I'm thinking about using a less fancy slingshot and just going with a regular production type piece.

After the MWST last year Treefork and I took out some slingshots and went shooting.... some of the standards seemed to work better than the customs...

It's a long video, but you're seeing this new hybrid I've been thinking about used for the first time... that along with the full butterfly shooting and heavier bands took a little getting used to:


----------



## slingshooterPT (Feb 22, 2014)

Amazing shooting Bill Hays!! I realize you're now using the thumb down hold...how it has been working for you??
Thanks, cheers!


----------



## Tag (Jun 11, 2014)

Great shooting!!!!!!!! The new camera does a great job.


----------



## Njones (Jan 27, 2015)

Thanks for the video Bill. I have a brand new slingshot from you and haven't even had time to shoot it yet. It's driving me crazy. Anyway, is this hybrid going in your online store?

Njones


----------



## stinger (Jul 6, 2014)

Bill you are one cool customer! It's cool to see you putting yourself out there with a totally new set up! Good shooting, good advice (as always) off topic...... Is that a Makiwara board behind you? How do you find time to train with everything you have going on?? I want a closer look at the new shooter. Thank you for sharing.


----------



## Creakyboy (Feb 15, 2014)

Awesome shooting Bill, great to see You getting so excited, having a chuckle, and really enjoying it , after all that's what they're for right.


----------



## Charles (Aug 26, 2010)

Great shooting, Bill!!! Especially fine with that full butterfly. I really enjoyed watching that.

Cheers .... Charles


----------



## Samurai Samoht (Apr 6, 2013)

Nice shooting Bill!

The new sling and camera both seem to be doing great! The hybrid looks like another winner. The video is nice and clear and I didn't have any trouble hearing you.

Tom


----------



## Beanflip (Sep 11, 2010)

You gotta love that! Great shooting my friend. There were a couple super close shots where the camera picked up the flash of the ball passing by. Very cool!
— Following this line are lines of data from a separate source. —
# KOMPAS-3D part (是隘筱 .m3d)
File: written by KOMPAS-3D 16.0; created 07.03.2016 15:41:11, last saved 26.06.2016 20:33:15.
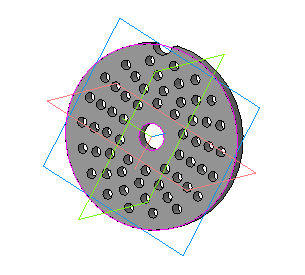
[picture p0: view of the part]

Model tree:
1. Эскиз:1
2. Операция выдавливания:1
     Расстояние 1 = 4
3. Эскиз:2
4. Вырезать элемент выдавливания:1
     Расстояние 1 = 10
5. Массив по концентрической сетке:2  (with: Эскиз:2, Вырезать элемент выдавливания:1)  (labels: v611_1_2_v27; v611_1_2_v180; v611_1_2_v181; Толщина стенки 1)  (10 pattern instances)
     Шаг 2 = 360
6. Эскиз:3
7. Вырезать элемент выдавливания:2  (with: Массив по концентрической сетке:2, Эскиз:3)  (14 pattern instances)
     Расстояние 1 = 10; Геометрический массив = 13; N 1 = 1; Шаг 1 = 10; Шаг 2 = 360; Номер 1 = 1
8. Эскиз:4
9. Вырезать элемент выдавливания:3
     Расстояние 1 = 10
10. Массив по концентрической сетке:3  (with: Вырезать элемент выдавливания:3, Эскиз:4)  (16 pattern instances)
     Геометрический массив = 15; Шаг 2 = 360
11. Эскиз:5
12. Вырезать элемент выдавливания:4
     Расстояние 1 = 10
13. Массив по концентрической сетке:4  (with: Вырезать элемент выдавливания:4, Эскиз:5)  (18 pattern instances)
     Геометрический массив = 17; Шаг 2 = 360
14. Эскиз:6
15. Вырезать элемент выдавливания:6
     Расстояние 1 = 10

BTW, I want to get a light and put out shot on camera so bad! I've done it once but no video.


----------



## Volp (Aug 25, 2014)

Amazing shooting!!

I started to shoot seriously thanks to your videos!

Thanks Bill

Take care

Volp


----------



## wll (Oct 4, 2014)

Nice going Bill, the video and SOUND we very good as far as I'm concerned.

PS .... Like the new sling too ;- )

wll


----------



## oldmiser (Jan 22, 2014)

Yup the camera & sound quality are very good...Nice shooting for your new high bread slingshot..always nice to see your video's

Hope you have a speedy recovery on your thumb..~AKAOldmiser


----------